Member of the Mississippi House of Representatives from the 45th district
- In office 1979–2015
- Succeeded by: Jay Mathis

Personal details
- Born: January 6, 1944 Carthage, Mississippi
- Died: December 17, 2017 (aged 73) Jackson, Mississippi
- Party: Democratic
- Spouse: Teresa Dolan
- Children: Ricky, Gina, Krystol, Brittany
- Occupation: Businessman, cattle rancher

= Bennett Malone =

American politician

Bennett Malone (January 6, 1944 – December 17, 2017) was an American politician in the state of Mississippi. He was a Democrat.
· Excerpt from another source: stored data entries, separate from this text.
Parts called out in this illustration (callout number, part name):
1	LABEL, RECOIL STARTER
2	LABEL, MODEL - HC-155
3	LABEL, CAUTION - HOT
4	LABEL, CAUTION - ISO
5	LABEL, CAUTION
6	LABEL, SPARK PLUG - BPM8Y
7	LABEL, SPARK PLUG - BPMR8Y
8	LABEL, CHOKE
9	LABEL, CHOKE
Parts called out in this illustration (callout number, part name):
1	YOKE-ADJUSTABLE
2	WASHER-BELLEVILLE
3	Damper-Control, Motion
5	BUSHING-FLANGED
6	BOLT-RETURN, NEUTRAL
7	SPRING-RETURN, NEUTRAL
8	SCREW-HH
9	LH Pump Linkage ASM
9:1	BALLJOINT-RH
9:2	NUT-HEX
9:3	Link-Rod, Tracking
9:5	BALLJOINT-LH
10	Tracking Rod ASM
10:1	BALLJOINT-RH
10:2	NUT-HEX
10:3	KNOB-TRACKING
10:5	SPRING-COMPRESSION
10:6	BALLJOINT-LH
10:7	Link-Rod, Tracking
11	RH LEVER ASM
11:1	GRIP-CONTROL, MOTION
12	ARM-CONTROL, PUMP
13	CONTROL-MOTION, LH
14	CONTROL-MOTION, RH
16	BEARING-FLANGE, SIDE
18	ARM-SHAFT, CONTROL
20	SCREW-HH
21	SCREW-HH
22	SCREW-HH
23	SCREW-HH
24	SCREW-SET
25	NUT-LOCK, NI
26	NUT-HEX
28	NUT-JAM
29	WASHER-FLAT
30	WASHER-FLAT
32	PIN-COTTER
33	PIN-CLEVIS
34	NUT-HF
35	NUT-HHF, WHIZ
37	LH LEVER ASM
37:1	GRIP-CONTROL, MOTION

Malone was a native of Carthage, Mississippi, and attended East Central Junior College. He was elected to the Mississippi House of Representatives in 1978, and served the 45th district from 1979 to 2015. He served on the Corrections, Forestry, Transportation, Ways and Means, and Wildlife, Fisheries and Parks committees. A businessman and cattle rancher, he was a Democrat. He was married to Teresa Dolan Malone. He died on December 17, 2017, from a long illness.
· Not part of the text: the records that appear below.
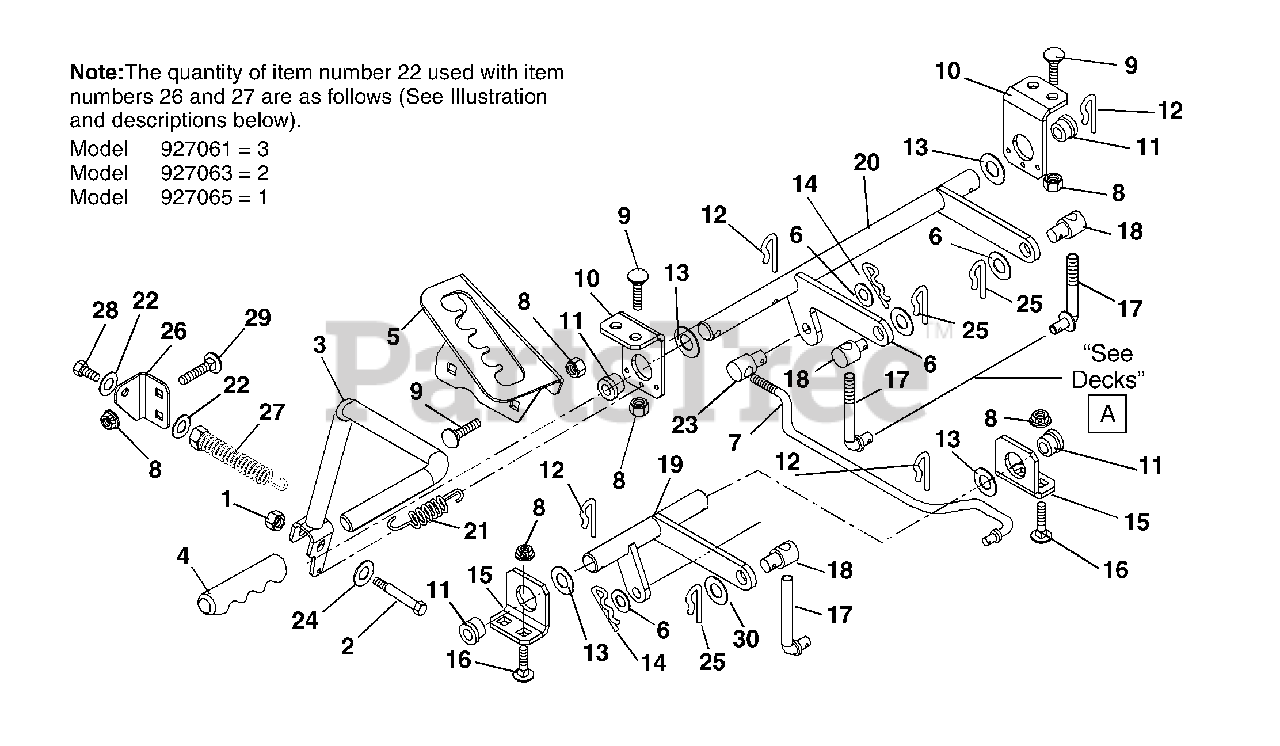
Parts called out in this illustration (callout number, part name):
1	NUT-LK-TOP-FLG .31-18 BLKZC
2	BOLT,SHLDR .38X1.25 .31-18 PLN
3	WLDM'T LIFT HANDLE
5	DETENT PLATE
6	WSHR-FL-STL.511X1.441X.125 YWZ
7	ROD, DECK LIFT
8	NUT-LK-TOP-FLG .38-16 BLKZC
9	BLT-RDHDSQNK .38-16X.75 G5BZ
10	BRACKET-HANGER
11	BSHG-FLG .750X1.000X.625X1.250
12	PIN, SPRING CLIP
13	WSHR-FL-STL .265X1.370X.179
14	PIN, HAIR, EXT - #16 YWZC
15	BRACKET-PIVOT
16	BLT-RDHDSQNK .38-16X1.00 G5BZ
17	LINK, LIFT
18	TRUNNION-.50
19	WMT, FRONT LIFT
20	WMT, REAR LIFT
21	SPRING, EXTENSION
22	WSHR,FLT .438X1.00X.160 ZCC
23	PIVOT, ROD
24	WSHR,FLT .438X1.00X.160 ZCC
25	CLIP, SPRING
26	BKT, SPRING ANCHOR
27	SG-TENS .195X1.147X5.50
28	@BLT-HEX .38-16X1.50 GR5 YWZC
29	BLT-RDHDSQNK .38-16X.75 G5BZ
30	@WSHR-FL-STL.563X1.38X.109YWZC

On July 25, 2016, his wife was indicted for giving bribes to Mississippi Department of Corrections Commissioner Christopher Epps through former legislator, Cecil McCrory, from 2010 until 2014, on behalf of medical services provider AdminPros LLC. She initially pleaded not guilty.
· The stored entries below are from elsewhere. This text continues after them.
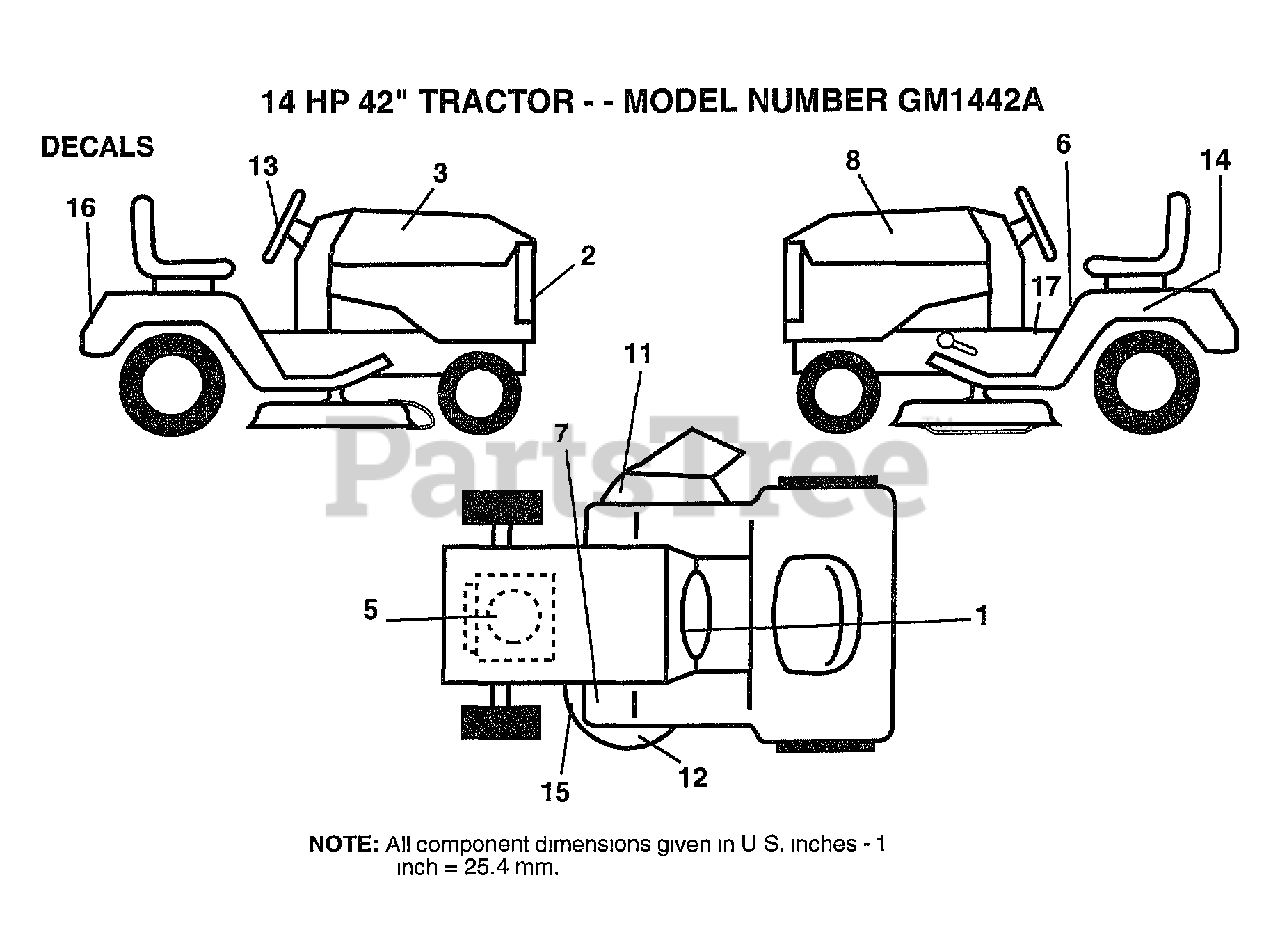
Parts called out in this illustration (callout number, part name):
1	DECAL.DASH.INSTR.
3	DECAL.HOOD.RH
5	DECAL.ENG.272750
6	DECAL CAUTION
7	DECAL T
8	DECAL.HOOD.LH
11	"DECAL, WARNING"
13	DECAL.INSRT.STRG
14	DECAL
15	DECAL.V.BELT
16	DECAL.FENDER
17	DECAL BRAK PARK
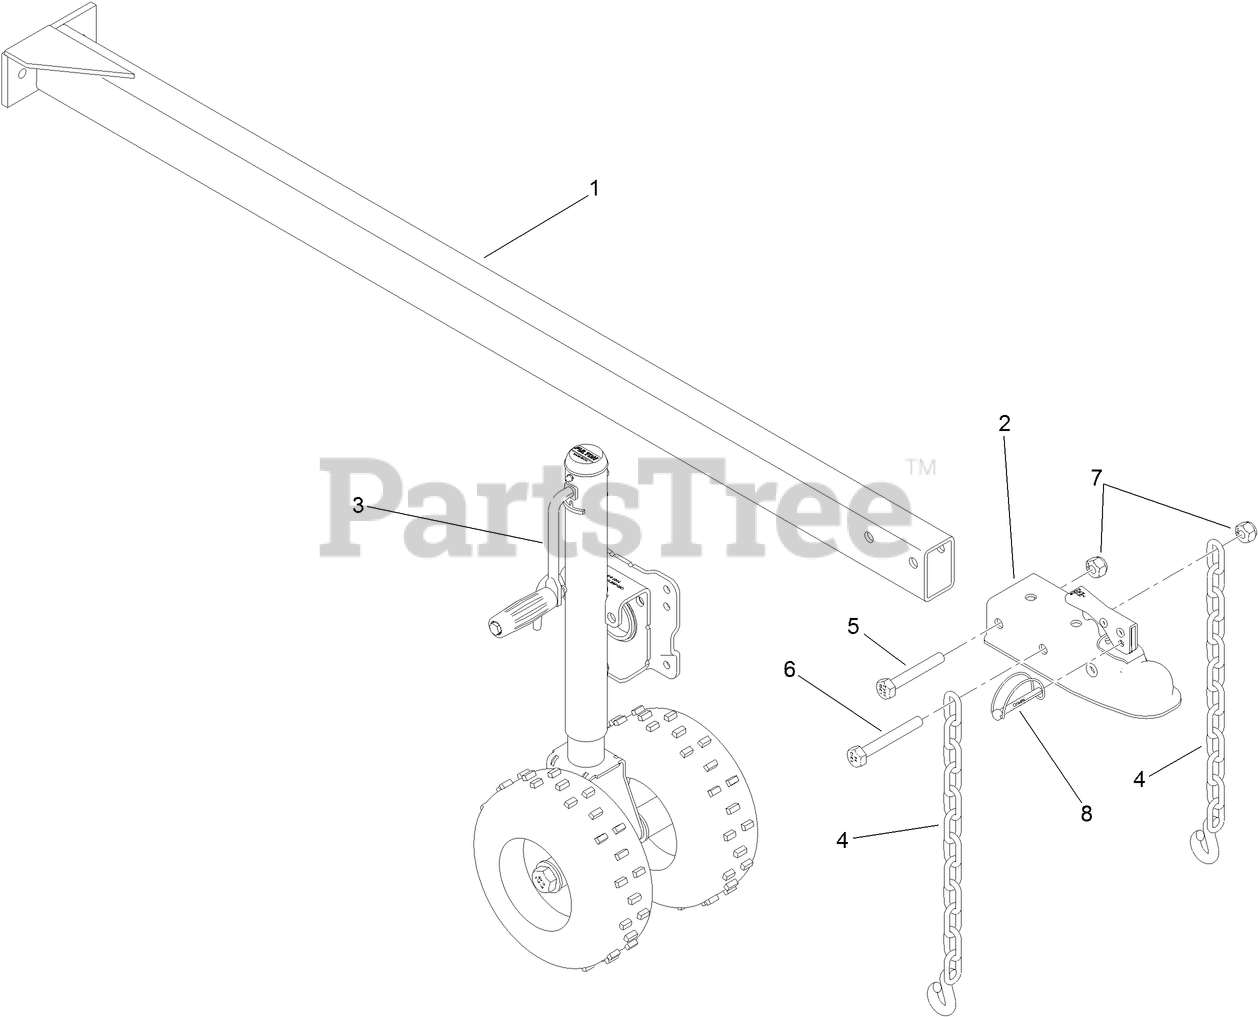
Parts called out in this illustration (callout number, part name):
1	TONGUE ASM
2	RECEIVER-HITCH, BALL
3	JACK ASM
4	CHAIN-SAFETY
5	SCREW-HH
6	SCREW-HH
7	NUT-LOCK
8	PIN-LOCKING

On October 6, 2017, she changed her plea to guilty to paying kickbacks to Epps in exchange for receiving an MDOC consulting agreement. She admitted to getting $225,000.00 from the agreement with an out-of-state contractor arranged by Epps, receiving $5,000.00 monthly between October, 2010, through July, 2014, from which she paid Epps between $1,000.00 to $1,750.00 month. Malone was to be sentenced on January 10, 2018, by federal Judge Henry Travillion Wingate and faced a maximum penalty of 10 years in prison and a $250,000.00 fine. However she was admitted to a Birmingham, Alabama, hospital due to complications from a lung transplant, and Judge Wingate indefinitely delayed her sentencing. Malone was sentenced on May 24, 2019. She is being held at the FMC Carswell, in Fort Worth, Texas, with a scheduled release date of July 24, 2022.